→ **Records from a data collection**

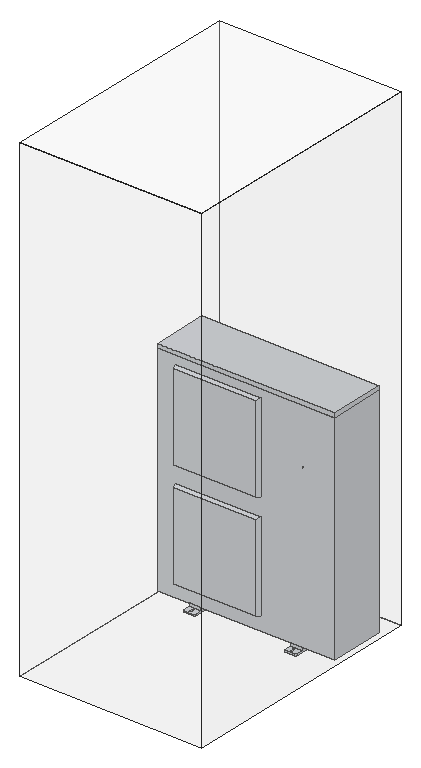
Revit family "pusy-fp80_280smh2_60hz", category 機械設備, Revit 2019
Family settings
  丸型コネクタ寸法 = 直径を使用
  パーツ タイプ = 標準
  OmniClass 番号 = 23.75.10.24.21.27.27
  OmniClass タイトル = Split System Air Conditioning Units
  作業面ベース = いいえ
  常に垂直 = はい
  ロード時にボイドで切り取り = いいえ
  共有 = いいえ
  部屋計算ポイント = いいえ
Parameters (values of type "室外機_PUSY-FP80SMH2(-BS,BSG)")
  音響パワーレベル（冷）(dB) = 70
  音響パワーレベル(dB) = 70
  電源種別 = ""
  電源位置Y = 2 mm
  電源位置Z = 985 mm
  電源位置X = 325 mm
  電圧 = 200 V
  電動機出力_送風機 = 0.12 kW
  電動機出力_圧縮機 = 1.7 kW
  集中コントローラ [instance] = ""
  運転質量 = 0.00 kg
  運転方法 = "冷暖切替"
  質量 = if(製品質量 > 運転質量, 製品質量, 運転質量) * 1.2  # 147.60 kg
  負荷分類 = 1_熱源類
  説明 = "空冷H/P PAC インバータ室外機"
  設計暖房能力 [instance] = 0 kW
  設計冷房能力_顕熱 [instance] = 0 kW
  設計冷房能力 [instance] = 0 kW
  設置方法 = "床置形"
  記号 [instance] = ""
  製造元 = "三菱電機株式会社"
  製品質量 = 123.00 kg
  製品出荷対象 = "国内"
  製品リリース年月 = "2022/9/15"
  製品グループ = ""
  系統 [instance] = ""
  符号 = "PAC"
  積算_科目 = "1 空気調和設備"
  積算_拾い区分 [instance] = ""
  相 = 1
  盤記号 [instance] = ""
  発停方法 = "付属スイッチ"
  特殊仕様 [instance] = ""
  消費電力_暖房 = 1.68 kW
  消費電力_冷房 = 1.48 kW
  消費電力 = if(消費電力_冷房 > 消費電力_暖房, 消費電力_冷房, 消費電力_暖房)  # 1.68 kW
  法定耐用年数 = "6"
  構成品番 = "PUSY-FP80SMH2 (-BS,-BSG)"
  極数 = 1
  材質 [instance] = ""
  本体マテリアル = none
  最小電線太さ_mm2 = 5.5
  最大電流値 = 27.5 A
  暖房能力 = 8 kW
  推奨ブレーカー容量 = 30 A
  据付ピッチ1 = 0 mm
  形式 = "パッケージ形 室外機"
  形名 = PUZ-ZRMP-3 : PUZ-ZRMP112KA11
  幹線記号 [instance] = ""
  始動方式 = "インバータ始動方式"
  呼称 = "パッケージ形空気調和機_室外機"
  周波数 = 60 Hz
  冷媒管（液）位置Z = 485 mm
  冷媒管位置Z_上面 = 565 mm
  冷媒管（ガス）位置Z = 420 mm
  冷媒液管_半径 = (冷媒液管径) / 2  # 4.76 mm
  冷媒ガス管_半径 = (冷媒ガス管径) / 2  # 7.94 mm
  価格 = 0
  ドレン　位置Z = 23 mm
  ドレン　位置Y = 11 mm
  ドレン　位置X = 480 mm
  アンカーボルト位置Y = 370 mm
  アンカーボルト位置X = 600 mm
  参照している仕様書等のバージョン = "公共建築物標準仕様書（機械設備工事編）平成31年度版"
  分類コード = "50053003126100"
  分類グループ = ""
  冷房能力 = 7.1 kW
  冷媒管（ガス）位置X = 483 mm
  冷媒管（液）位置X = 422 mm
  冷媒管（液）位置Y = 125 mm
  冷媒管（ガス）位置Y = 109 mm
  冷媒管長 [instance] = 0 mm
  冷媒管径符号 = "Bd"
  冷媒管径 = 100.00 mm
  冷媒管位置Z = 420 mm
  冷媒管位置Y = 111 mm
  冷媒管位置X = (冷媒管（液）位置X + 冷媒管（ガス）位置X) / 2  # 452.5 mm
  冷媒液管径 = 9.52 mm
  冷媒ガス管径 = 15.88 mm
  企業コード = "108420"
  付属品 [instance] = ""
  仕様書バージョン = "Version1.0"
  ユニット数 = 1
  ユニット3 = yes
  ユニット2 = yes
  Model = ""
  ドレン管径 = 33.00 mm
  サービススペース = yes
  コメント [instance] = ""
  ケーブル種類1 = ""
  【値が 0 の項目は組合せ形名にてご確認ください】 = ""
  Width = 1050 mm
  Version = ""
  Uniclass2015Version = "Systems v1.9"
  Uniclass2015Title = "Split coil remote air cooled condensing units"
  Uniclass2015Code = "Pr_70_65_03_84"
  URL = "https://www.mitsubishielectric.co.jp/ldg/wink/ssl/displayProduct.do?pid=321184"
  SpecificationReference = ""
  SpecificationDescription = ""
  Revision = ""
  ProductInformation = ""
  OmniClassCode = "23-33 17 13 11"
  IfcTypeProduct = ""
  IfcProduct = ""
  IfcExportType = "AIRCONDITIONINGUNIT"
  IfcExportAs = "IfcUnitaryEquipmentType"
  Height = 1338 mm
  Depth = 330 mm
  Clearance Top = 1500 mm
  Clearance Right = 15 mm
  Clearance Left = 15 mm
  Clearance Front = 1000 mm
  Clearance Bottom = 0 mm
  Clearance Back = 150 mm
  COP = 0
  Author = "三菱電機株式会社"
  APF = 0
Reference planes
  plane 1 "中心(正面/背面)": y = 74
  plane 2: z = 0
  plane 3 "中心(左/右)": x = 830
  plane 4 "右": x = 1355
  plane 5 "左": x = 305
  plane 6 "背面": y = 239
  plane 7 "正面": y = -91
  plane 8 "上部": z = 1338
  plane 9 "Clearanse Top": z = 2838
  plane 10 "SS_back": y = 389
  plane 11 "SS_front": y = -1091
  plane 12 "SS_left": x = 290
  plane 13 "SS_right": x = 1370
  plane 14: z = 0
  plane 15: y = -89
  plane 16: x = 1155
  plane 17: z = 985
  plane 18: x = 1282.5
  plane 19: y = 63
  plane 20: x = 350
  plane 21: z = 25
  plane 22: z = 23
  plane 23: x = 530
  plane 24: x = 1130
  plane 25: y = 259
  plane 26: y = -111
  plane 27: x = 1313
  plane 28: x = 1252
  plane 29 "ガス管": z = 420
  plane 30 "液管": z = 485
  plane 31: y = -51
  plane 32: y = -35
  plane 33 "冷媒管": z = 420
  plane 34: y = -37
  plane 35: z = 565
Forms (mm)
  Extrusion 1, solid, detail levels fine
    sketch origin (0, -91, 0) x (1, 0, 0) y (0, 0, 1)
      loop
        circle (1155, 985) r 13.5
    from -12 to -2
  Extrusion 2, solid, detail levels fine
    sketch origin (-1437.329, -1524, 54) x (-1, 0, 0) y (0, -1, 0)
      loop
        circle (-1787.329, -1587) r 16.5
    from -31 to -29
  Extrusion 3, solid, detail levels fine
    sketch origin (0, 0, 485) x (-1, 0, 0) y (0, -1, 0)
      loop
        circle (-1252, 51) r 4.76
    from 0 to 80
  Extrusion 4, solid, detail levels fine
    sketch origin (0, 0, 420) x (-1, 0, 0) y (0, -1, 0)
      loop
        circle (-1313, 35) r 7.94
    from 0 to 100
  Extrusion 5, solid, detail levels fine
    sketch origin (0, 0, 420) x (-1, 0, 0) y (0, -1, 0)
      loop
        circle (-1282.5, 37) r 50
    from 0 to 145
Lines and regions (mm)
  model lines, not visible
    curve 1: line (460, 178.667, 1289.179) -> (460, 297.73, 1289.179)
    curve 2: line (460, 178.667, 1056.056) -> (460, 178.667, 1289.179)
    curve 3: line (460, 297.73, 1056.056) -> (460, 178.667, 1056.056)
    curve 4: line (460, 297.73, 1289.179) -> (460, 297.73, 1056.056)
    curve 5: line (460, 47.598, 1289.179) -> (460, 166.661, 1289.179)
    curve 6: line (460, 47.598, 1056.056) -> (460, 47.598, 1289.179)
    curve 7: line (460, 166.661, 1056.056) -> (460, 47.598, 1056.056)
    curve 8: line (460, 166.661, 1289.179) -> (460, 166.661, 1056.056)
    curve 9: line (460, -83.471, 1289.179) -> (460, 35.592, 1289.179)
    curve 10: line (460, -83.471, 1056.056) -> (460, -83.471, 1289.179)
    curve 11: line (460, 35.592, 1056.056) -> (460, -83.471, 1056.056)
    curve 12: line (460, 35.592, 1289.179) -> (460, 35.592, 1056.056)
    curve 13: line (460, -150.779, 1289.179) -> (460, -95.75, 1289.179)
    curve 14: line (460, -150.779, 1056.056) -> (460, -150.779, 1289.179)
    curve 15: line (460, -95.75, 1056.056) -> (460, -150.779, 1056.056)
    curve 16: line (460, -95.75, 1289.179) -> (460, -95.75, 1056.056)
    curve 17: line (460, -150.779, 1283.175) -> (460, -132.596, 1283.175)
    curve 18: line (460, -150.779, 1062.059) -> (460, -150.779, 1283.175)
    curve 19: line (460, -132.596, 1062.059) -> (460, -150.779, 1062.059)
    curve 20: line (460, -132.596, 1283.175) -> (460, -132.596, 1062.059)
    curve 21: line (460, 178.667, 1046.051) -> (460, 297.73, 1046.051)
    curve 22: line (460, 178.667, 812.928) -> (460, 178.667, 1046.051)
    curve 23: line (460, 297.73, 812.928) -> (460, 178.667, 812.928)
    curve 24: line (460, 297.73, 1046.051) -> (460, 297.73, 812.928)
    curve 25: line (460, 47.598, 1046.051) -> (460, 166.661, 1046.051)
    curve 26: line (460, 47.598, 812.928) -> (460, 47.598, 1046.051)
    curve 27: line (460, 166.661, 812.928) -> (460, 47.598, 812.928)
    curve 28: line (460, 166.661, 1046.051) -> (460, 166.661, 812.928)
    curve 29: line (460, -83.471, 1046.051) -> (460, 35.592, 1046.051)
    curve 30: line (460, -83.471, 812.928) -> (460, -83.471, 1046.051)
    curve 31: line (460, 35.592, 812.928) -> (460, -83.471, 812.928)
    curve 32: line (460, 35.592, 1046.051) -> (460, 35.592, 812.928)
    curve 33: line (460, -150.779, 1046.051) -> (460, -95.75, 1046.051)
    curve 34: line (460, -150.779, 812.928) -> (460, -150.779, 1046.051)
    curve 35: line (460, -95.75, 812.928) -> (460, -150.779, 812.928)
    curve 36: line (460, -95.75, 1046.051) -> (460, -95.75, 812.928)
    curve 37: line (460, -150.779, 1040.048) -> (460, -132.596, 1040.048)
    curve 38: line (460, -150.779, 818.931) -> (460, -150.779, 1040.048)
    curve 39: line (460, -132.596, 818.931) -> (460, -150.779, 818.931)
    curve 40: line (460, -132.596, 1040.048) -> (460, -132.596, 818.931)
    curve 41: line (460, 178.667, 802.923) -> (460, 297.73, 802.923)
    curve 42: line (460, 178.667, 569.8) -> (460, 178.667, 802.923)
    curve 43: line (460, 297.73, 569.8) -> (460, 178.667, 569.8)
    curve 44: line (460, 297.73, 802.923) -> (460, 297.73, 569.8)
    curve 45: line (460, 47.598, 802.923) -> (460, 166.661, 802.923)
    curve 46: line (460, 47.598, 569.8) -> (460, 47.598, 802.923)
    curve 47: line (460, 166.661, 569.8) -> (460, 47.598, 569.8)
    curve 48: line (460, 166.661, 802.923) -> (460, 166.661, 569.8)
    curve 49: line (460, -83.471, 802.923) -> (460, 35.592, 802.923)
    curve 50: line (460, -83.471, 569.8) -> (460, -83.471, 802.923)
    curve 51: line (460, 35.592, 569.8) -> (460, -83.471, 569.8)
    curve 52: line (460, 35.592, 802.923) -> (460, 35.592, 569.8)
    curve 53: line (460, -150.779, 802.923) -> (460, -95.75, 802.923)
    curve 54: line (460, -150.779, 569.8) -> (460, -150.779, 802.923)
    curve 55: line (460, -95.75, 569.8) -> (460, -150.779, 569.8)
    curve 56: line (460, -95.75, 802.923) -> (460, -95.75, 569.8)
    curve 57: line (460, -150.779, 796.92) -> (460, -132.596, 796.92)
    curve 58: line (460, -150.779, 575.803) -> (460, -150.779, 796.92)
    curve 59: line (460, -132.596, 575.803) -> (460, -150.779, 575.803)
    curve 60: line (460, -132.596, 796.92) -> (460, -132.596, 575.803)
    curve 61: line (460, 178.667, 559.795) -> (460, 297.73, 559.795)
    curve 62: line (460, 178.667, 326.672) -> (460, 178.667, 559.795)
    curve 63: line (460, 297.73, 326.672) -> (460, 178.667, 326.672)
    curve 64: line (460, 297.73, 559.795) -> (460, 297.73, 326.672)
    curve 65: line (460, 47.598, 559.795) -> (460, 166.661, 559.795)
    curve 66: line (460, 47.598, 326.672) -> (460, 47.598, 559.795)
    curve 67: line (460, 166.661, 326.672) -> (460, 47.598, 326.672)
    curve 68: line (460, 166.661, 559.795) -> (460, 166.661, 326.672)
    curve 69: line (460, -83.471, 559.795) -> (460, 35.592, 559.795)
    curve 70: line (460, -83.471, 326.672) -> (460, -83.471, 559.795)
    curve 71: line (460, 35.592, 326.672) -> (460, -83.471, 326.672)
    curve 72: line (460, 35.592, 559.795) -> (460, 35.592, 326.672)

→ **Exercise aim**
Restate word for word only the lines above from the line containing "curve 60: line" to the line containing "curve 69: line", both of them included.

→ **Task output**
    curve 60: line (460, -132.596, 796.92) -> (460, -132.596, 575.803)
    curve 61: line (460, 178.667, 559.795) -> (460, 297.73, 559.795)
    curve 62: line (460, 178.667, 326.672) -> (460, 178.667, 559.795)
    curve 63: line (460, 297.73, 326.672) -> (460, 178.667, 326.672)
    curve 64: line (460, 297.73, 559.795) -> (460, 297.73, 326.672)
    curve 65: line (460, 47.598, 559.795) -> (460, 166.661, 559.795)
    curve 66: line (460, 47.598, 326.672) -> (460, 47.598, 559.795)
    curve 67: line (460, 166.661, 326.672) -> (460, 47.598, 326.672)
    curve 68: line (460, 166.661, 559.795) -> (460, 166.661, 326.672)
    curve 69: line (460, -83.471, 559.795) -> (460, 35.592, 559.795)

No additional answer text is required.